View Source EctoSparkles.DataMigration behaviour (Bonfire v0.9.10-classic-beta.169)
A behaviour implemented by our data migrations (generally backfills).
Based on A microframework for backfill migrations in Elixir's Ecto, in turn based on David Bernheisel's template for deterministic backfills.
A data migration using this behaviour may look like this (which you can put simply put in Ecto migrations, eg. priv/repo/migrations/priv/repo/migrations/20231019004944_data_onboarding_step.exs
):
defmodule MyApp.Repo.Migrations.BackfillOnboardingStep do
alias EctoSparkles.DataMigration
use DataMigration
@impl DataMigration
def base_query do
# NOTE: This works in cases where:
# 1. The data can be queried with a condition that not longer applies after the migration ran, so you can repeatedly query the data and update the data until the query result is empty. For example, if a column is currently null and will be updated to not be null, then you can query for the null records and pick up where you left off.
# 2. The migration is written in such a way that it can be ran several times on the same data without causing data loss or duplication (or crashing).
from(u in "users", # Notice how we do not use Ecto schemas here.
where: is_nil(u.onboarding_step),
select: %{id: u.id}
)
end
@impl DataMigration
def config do
%DataMigration.Config{batch_size: 100, throttle_ms: 1_000, repo: MyApp.Repo}
end
@impl DataMigration
def migrate(results) do
Enum.each(results, fn %{id: user_id} ->
# hooks into a context module, which is more likely to be kept up to date as the app evolves, to avoid having to update old migrations
user_id
|> MyApp.Users.set_onboarding_step!()
end)
end
end
Summary
Callbacks
The core of the query you want to use to SELECT a map of your data.
The DataMigration.Runner
will take care of limiting this to a batch size, ordering
it by row ID, and restricting it to rows you haven't yet handled.

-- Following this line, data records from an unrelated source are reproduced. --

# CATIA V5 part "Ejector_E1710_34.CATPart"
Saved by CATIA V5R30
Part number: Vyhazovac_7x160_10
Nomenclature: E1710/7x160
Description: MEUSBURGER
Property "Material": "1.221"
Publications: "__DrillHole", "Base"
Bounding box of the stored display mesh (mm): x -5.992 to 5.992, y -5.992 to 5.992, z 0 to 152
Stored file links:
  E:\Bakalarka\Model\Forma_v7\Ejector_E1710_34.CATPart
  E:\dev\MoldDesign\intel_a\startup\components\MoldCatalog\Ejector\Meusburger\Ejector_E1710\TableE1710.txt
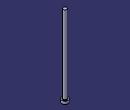
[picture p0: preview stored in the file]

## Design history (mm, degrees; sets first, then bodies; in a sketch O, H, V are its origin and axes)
Parameters
  Ref = "E1710/7x160" {design table}
  D1 = 7 mm {design table}
  D3 = 12 mm {design table}
  L = 160 mm {design table}
  L3 = 5 mm {design table}
  R = 0.5 mm {design table}
  k_d3 = 13 mm {design table}
  k_d1 = 7.2 mm {design table}
  k_F = 0.5 mm {design table}
  kl = 17 mm {design table}
  Mat = "1.221" {design table}
  HeatTreat = "ISO6751" {design table}
  Offset_Parting = 10 mm
  Anti_Rotation = "Normal"
  Anti_Rotation_D = 4 mm
  Anti_Rotation_D_Icut = 4 mm
  Add_Length_L = 1.3377 mm
  Add_Length_D3 = 0 mm
  SupplierRef = "Meusburger 2017"
  BmpRef = "F_MldEjectorD1"
  DrillHole_Length = 225 mm
  ValidationTest = false
  Anti_Rotation_D_min = 4 mm {= OffSet_D1 /2}
  Anti_Rotation_D_max = 5.925 mm {= D3/2-0.075mm}
  Anti_Rotation_D_ref = 4 mm {= Anti_Rotation_D}
  Anti_Rotation_D_Icut_ref = 4 mm {= Anti_Rotation_D_Icut}
  Anti_Rotation_Ref_Icut = 2.3246 mm
  Offset_L = 20 mm
  D = 7 mm {= D1}
  OffSet_D1 = 8 mm {= D1+2*R}
  OffSet_D3 = 13 mm {= D3+1mm}
  XG_Split = 95 mm
  YG_Split = 44.5 mm
  ZG_Split = -198 mm
  DirX_Split = 0 mm
  DirY_Split = 0 mm
  DirZ_Split = 1 mm
Set1 "BaseBody"
  Point1 "Base": (0, 0, 0)
  Plane1: type Offset, RefPlane xy-plane, Offset 225 {= DrillHole_Length}, reversed
  Sketch1 "Sketch.2" on xy-plane, origin (0, 0, 0), H (1, 0, 0), V (0, 1, 0)
    point P1 (-0.46, 1.1623)
    point P2 (0.46, 1.1623)
    construction line L1 (-0.46, 1.1623) -> (0.46, 1.1623)
    point P3 (0.46, -1.1623)
    line L2 (0.46, -1.1623) -> (0.46, 1.1623)
    point P4 (-0.46, -1.1623)
    construction line L3 (0.46, -1.1623) -> (-0.46, -1.1623)
    line L4 (-0.46, 1.1623) -> (-0.46, -1.1623)
    point P5 (-0.21, 1.1623)
    arc A1 centre (-0.21, 1.1623) radius 0.25 from (-0.21, 1.4123) to (-0.46, 1.1623) ccw
    point P7 (0.21, 1.1623)
    point P8 (0.21, 1.4123)
    arc A2 centre (0.21, 1.1623) radius 0.25 from (0.46, 1.1623) to (0.21, 1.4123) ccw
    line L5 (-0.21, 1.4123) -> (0.21, 1.4123)
    point P9 (-0.46, -1.1623)
    arc A3 centre (-0.21, -1.1623) radius 0.25 from (-0.46, -1.1623) to (-0.21, -1.4123) ccw
    point P11 (0.21, -1.4123)
    line L6 (-0.21, -1.4123) -> (0.21, -1.4123)
    point P12 (0.46, -1.1623)
    arc A4 centre (0.21, -1.1623) radius 0.25 from (0.21, -1.4123) to (0.46, -1.1623) ccw
    point P14 (-0.46, 1.1623)
    point P15 (-0.46, -1.1623)
    point P16 (0.46, 1.1623)
    point P17 (0.46, -1.1623)
    reference projected circle E1 centre (0, 0) radius 1.25 from edge [face of Shaft1 from Sketch2.L3 | face of Shaft1 from Sketch2.L4]
    reference projected circle E2 centre (0, 0) radius 1.25 from edge [face of Shaft1 from Sketch2.L3 | face of Shaft1 from Sketch2.L4]
    reference projected circle E3 centre (0, 0) radius 1.25 from edge [face of Shaft1 from Sketch2.L3 | face of Shaft1 from Sketch2.L4]
    reference projected circle E4 centre (0, 0) radius 1.25 from edge [face of Shaft1 from Sketch2.L3 | face of Shaft1 from Sketch2.L4]
    point P18 (-0.46, -1.1623)
    point P19 (-0.21, -1.4123)
    point P20 (0.21, -1.4123)
    point P21 (0.46, -1.1623)
    point P22 (-0.21, -1.4123)
    point P23 (0.21, -1.4123)
    distance P14 P15 = 2.3246 (reference)
    distance P16 P17 = 2.3246 (reference)
    distance L1 P14 = 0 (reference)
    radius A1 = 3.5
    distance L4 V = 4.01
    distance L2 V = 5.935
    distance L5 L6 = 12
    horizontal: L1 H, L3 H, L5 H
    vertical: L2 V, L4 V
    coincidence: P5 L1, P7 L1, P3 P12, P14 L4, P15 L4, P16 L2, P17 L2, P14 E1, P15 E2, P16 E3, P17 E4, P3 P21, P4 P18, P20 P23, P19 P22
    tangency: A1 L4, A2 L2, A2 L5, A1 L5
    symmetry: P1 P9 H, A1 A3 H, P8 P11 H, L5 L6 H, P2 P12 H, A2 A4 H
  DatumSurface1
Body1 "PartBody" (main body)
  Sketch2 "Sketch.1" on zx-plane, origin (0, 0, 0), H (-1, 0, 0), V (0, 0, 1)
    point P1 (0, 160)
    line L1 (3.5, 160) -> (0, 160)
    line L2 (3.5, 5) -> (3.5, 160)
    line L3 (6, 5) -> (3.5, 5)
    line L4 (6, 0) -> (6, 5)
    point P5 (0, 0)
    line L5 (0, 0) -> (6, 0)
    point P6 (0, 160)
    axis line L6 (0, 160) -> (0, 0)
    point P7 (0, 0)
    point P8 (3.5, 5)
    point P9 (3.5, 5)
    line L7 (0, 160) -> (0, 0)
    distance L5 L3 = 5 {= L3}
    distance L5 L1 = 160 {= L}
    distance L2 L6 = 3.5 {= D1 /2}
    distance L4 L6 = 6 {= D3 /2}
    coincidence: L6 P5, P1 L6, L5 H, L6 V, P7 O, P6 P1, P8 P9
    vertical: L2 V, L7 V
    horizontal: L1 H
  Shaft1 "Shaft.1": profile Sketch2, axis Sketch2.L6, angle 360
  Pocket1 "Pocket.1": profile Sketch1, direction (0, 0, 1), length 6, outer side, deactivated
  Pocket2 "Pocket.2": profile Sketch1, direction (0, 0, 1), length 6, outer side, deactivated
  Fillet1: radius 0.5 {= R}, on edge [face of Shaft1 from Sketch2.L2 | face of Shaft1 from Sketch2.L3]
  Pocket3: profile face of Shaft1 from Sketch2.L1, direction along face of Shaft1 from Sketch2.L1 reversed, up to face of DatumSurface1
Body2 "__DrillHole"
  Sketch3 "Sketch.3" on face of Shaft1, origin (0, 0, 0), H (1, 0, 0), V (0, -1, 0)
    point P1 (0, 0)
    reference projected point E1 (0, 0) from Point1
    coincidence: E1 P1
  Hole1 "Hole.1": placed by Sketch3, at (0, 0, 0) direction (0, 0, 1), diameter 8 {= OffSet_D1}, depth 140 {= L-Offset_L}
  Sketch4 "Sketch.4" on face of Shaft1, origin (0, 0, 0), H (1, 0, 0), V (0, -1, 0)
    point P1 (0, 0)
    reference projected point E1 (0, 0) from Point1
    coincidence: E1 P1
  Hole2 "Hole.2": placed by Sketch4, at (0, 0, 0) direction (0, 0, 1), diameter 7 {= D1}, depth 160 {= L}
  Sketch5 "Sketch.5" on face of Shaft1 from Sketch2.L3, origin (0, 0, 5), H (1, 0, 0), V (0, 1, 0)
    point P1 (0, 0)
    reference projected point E1 (0, 0) from Point1
    coincidence: E1 P1
  Hole3 "Hole.3": placed by Sketch5, at (0, 0, 5) direction (0, 0, -1), diameter 13 {= OffSet_D3}, depth 230 {= L3 +DrillHole_Length}
  Chamfer1: length 0.5 {= k_F}, angle 45, on edge [face of Hole1 | face of Hole3]
  Body3 "__Body.1"
    Pocket4 "Pocket.3": profile Sketch1, direction (0, 0, -1), length 225, opposite side length 5, deactivated
  Assemble1: tool Body3
  Chamfer2: length 0.5 {= k_F}, angle 45, on edge [start face of Pocket4 | face of Hole1], deactivated
  Body4 "__Body.2"
    Pocket5 "Pocket.4": profile Sketch1, direction (0, 0, -1), length 225, opposite side length 5, deactivated
  Assemble2: tool Body4
  Chamfer3: length 0.5 {= k_F}, angle 45, on edge [start face of Pocket5 | face of Hole1], deactivated
Relations
  design table "TableE1710", configuration 278, drives Ref, D1, D3, L, L3, R, k_d3, k_d1, k_F, kl, Mat, HeatTreat
  Offset_L = 20mm (deactivated)
  rule "Cut_Head_rule":
    let sketch_cut (length)
    let PartBody_Pocket_Sketch (Boolean)
    let I_PartBody_Pocket (Boolean)
    let D_PartBody_Pocket (Boolean)
    let N_DrillHole_Hole (Boolean)
    let N_DrillHole_Hole_Sketch (Boolean)
    let I_DrillHole_Pocket (Boolean)
    let D_DrillHole_Pocket (Boolean)
    /* --------------------------------------------------------------------------------------*/
    if Anti_Rotation =="Normal"
    {
    	sketch_cut=Anti_Rotation_D_max
    	PartBody_Pocket_Sketch = false
    	I_PartBody_Pocket = false
    	D_PartBody_Pocket = false
    	N_DrillHole_Hole = true
    	N_DrillHole_Hole_Sketch = true
    	I_DrillHole_Pocket = false
    	D_DrillHole_Pocket = false
    	Chamfer1.Activity= true
    	Chamfer2.Activity= false
    	Chamfer3.Activity= false
    }
    if Anti_Rotation == "I_Cut"
    {
    	sketch_cut=Anti_Rotation_D_Icut_ref
    	PartBody_Pocket_Sketch = true
    	I_PartBody_Pocket = true
    	D_PartBody_Pocket = false
    	N_DrillHole_Hole = false
    	N_DrillHole_Hole_Sketch = false
    	I_DrillHole_Pocket = true
    	D_DrillHole_Pocket = false
    	Chamfer1.Activity= false
    	Chamfer2.Activity= true
    	Chamfer3.Activity= false
    }
    if Anti_Rotation =="D_Cut"
    {
    	sketch_cut=Anti_Rotation_D_max
    	PartBody_Pocket_Sketch = true
    	I_PartBody_Pocket = false
    	D_PartBody_Pocket = true
    	N_DrillHole_Hole = false
    	N_DrillHole_Hole_Sketch = false
    	I_DrillHole_Pocket = false
    	D_DrillHole_Pocket = true
    	Chamfer1.Activity= false
    	Chamfer2.Activity= false
    	Chamfer3.Activity= true
    }
    /* --------------------------------------------------------------------------------------*/
    Sketch1.distance(L2 V) = sketch_cut+0.01mm
    Sketch1.distance(L4 V) =Anti_Rotation_D_ref+0.01mm
    Sketch1.radius(A1) =D/2
    Pocket4.FirstLimit.Depth = DrillHole_Length
    Pocket5.FirstLimit.Depth = DrillHole_Length
    Pocket1.FirstLimit.Depth = L3+1mm
    Pocket2.FirstLimit.Depth = L3+1mm
    Pocket4.SecondLimit.Depth = L3
    Pocket5.SecondLimit.Depth =L3
    Pocket1.Activity = I_PartBody_Pocket
    Pocket2.Activity = D_PartBody_Pocket
    Sketch1.Activity =PartBody_Pocket_Sketch
    Hole3.Activity= N_DrillHole_Hole
    Sketch5.Activity = N_DrillHole_Hole_Sketch
    Pocket4.Activity = I_DrillHole_Pocket
    Pocket5.Activity  = D_DrillHole_Pocket
  rule "Anti_Rotation_Icut_constrain":
    let Ref1(length)
    let Ref2(length)
    let Ref3(length)
    let Diam1(length)
    let Diam2(length)
    let Add_Length_Lmin (length)
    Ref1=Sketch1.distance(P14 P15)
    Ref2=Sketch1.distance(P16 P17)
    Diam1=D
    Diam2=D3
    /* --------------------------------------------------------------------*/
    if Ref1 >Ref2
    	Anti_Rotation_Ref_Icut = Ref1
    else
    	Anti_Rotation_Ref_Icut  =Ref2
    Add_Length_D3 .InferiorRange=Anti_Rotation_Ref_Icut /2+Diam1/2 -Diam2/2
    if Add_Length_D3 .InferiorRange<0mm
    	Add_Length_D3 .InferiorRange=0mm
    if ValidationTest == "true"
    	Ref3   = 2*Add_Length_L +Anti_Rotation_Ref_Icut  +2*Diam1/2
    else
    	Ref3  =Diam2+2*Add_Length_D3
    if Ref3 <Diam2
    {
    	Ref3 =Diam2
    }
    /* --------------------------------------------------------------------*/
    Sketch1.distance(L5 L6) = Ref3
    Add_Length_L .InferiorRange=Diam2/2-Anti_Rotation_Ref_Icut/2-Diam1/2
    Add_Length_Lmin=Diam2/2-Anti_Rotation_Ref_Icut/2-Diam1/2
    if Add_Length_Lmin<0mm
    	Add_Length_L .InferiorRange=0mm
    else
    	Add_Length_L .InferiorRange=Add_Length_Lmin

The query must select a map, and that map must have an :id
key for the
migration runner to reference as the last-modified row in your table.
The callback to operate on a result set from your query.
Implementers should raise
an error if you're unable to process the batch.
Callbacks
@callback base_query() :: Ecto.Query.t()
The core of the query you want to use to SELECT a map of your data.
The DataMigration.Runner
will take care of limiting this to a batch size, ordering
it by row ID, and restricting it to rows you haven't yet handled.
The query must select a map, and that map must have an :id
key for the
migration runner to reference as the last-modified row in your table.
@callback config() :: EctoSparkles.DataMigration.Config.t()
The callback to operate on a result set from your query.
Implementers should raise
an error if you're unable to process the batch.